_Dataset extract_.
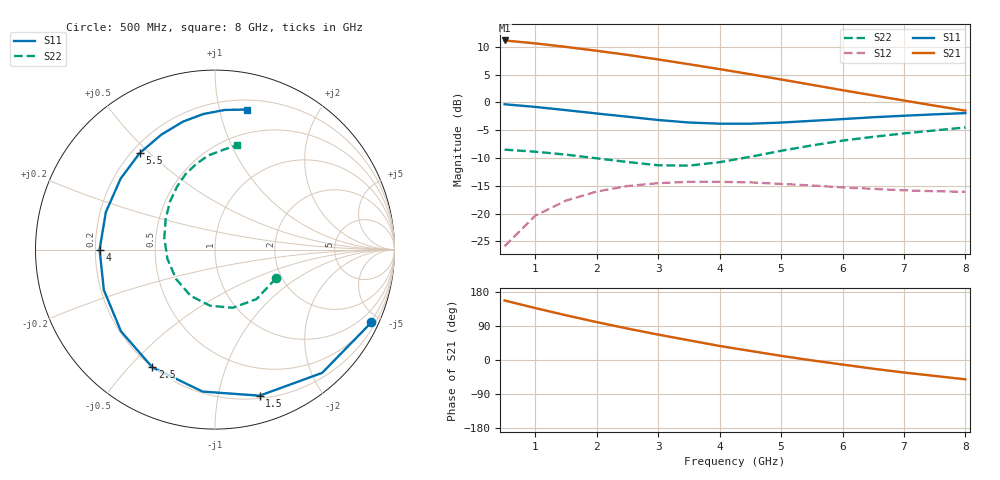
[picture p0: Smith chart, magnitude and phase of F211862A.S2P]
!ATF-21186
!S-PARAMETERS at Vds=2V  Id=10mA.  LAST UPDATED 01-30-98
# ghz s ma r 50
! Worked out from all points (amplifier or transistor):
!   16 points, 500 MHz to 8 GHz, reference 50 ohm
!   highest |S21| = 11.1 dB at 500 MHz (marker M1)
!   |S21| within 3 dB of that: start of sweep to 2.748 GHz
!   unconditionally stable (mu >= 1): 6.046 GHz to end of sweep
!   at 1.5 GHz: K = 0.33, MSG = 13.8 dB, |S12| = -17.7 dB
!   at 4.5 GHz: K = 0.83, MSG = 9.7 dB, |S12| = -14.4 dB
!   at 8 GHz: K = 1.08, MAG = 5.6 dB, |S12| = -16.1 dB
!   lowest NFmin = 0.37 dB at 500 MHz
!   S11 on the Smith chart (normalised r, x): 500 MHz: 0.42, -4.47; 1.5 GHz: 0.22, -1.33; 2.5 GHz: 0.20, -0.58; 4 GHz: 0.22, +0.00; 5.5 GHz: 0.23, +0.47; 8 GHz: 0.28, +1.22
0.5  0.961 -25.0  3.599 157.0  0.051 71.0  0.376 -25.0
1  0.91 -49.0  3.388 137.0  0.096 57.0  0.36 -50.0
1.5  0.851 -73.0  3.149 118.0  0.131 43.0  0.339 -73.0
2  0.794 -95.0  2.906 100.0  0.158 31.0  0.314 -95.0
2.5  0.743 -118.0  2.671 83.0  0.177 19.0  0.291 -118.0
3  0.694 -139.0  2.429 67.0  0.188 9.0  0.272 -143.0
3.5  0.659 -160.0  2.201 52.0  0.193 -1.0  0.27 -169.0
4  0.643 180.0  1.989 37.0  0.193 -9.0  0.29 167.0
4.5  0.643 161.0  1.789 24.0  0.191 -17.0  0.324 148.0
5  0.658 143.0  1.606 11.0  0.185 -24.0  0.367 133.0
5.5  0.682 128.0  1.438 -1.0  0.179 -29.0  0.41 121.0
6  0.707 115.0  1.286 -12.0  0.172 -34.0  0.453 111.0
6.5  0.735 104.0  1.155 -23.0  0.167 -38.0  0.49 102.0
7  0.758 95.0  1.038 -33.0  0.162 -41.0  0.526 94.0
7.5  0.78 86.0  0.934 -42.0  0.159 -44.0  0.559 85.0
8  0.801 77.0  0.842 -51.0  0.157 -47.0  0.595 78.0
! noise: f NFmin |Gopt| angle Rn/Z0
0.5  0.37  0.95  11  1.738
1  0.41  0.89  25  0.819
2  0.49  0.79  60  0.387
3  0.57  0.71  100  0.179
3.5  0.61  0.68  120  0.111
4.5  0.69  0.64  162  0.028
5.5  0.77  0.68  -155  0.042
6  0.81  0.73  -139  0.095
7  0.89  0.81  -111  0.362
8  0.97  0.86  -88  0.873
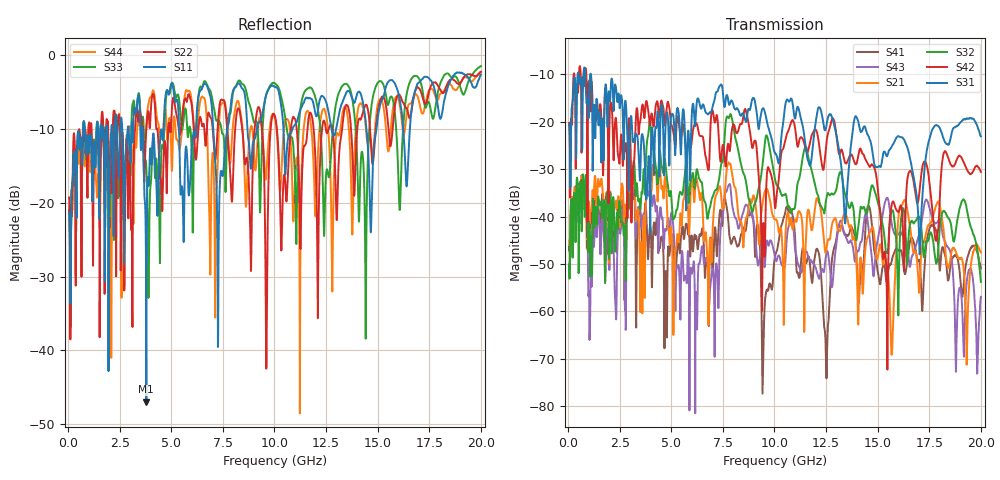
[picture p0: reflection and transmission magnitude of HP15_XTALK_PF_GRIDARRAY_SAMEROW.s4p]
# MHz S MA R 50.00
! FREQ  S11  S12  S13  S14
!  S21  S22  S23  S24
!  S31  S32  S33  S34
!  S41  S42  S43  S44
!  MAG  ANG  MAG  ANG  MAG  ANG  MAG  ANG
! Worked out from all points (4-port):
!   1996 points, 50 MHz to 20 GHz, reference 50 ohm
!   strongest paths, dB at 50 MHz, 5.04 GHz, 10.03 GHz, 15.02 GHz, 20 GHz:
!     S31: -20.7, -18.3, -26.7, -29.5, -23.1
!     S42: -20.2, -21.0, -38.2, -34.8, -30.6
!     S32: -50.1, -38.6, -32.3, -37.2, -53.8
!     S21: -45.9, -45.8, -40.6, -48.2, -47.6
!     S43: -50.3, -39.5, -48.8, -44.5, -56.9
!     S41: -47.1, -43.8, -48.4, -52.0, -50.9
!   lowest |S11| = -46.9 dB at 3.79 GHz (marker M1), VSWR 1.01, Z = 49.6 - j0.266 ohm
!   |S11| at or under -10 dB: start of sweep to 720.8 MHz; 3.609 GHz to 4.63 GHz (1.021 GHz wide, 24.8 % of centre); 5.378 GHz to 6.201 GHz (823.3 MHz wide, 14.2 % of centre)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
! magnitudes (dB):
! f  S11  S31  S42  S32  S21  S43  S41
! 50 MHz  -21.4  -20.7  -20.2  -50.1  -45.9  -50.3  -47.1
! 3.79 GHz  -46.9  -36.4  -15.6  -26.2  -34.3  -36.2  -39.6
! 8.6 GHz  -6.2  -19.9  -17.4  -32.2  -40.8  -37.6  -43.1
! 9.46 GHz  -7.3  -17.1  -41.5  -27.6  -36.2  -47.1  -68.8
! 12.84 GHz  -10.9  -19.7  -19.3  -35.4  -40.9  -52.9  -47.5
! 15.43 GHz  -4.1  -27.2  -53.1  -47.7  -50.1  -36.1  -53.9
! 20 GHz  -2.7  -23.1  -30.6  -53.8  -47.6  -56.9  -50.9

_Work to complete_.
Using the records above, list each line that includes "chart".

_Problem solution_.
[picture p0: Smith chart, magnitude and phase of F211862A.S2P]
!   S11 on the Smith chart (normalised r, x): 500 MHz: 0.42, -4.47; 1.5 GHz: 0.22, -1.33; 2.5 GHz: 0.20, -0.58; 4 GHz: 0.22, +0.00; 5.5 GHz: 0.23, +0.47; 8 GHz: 0.28, +1.22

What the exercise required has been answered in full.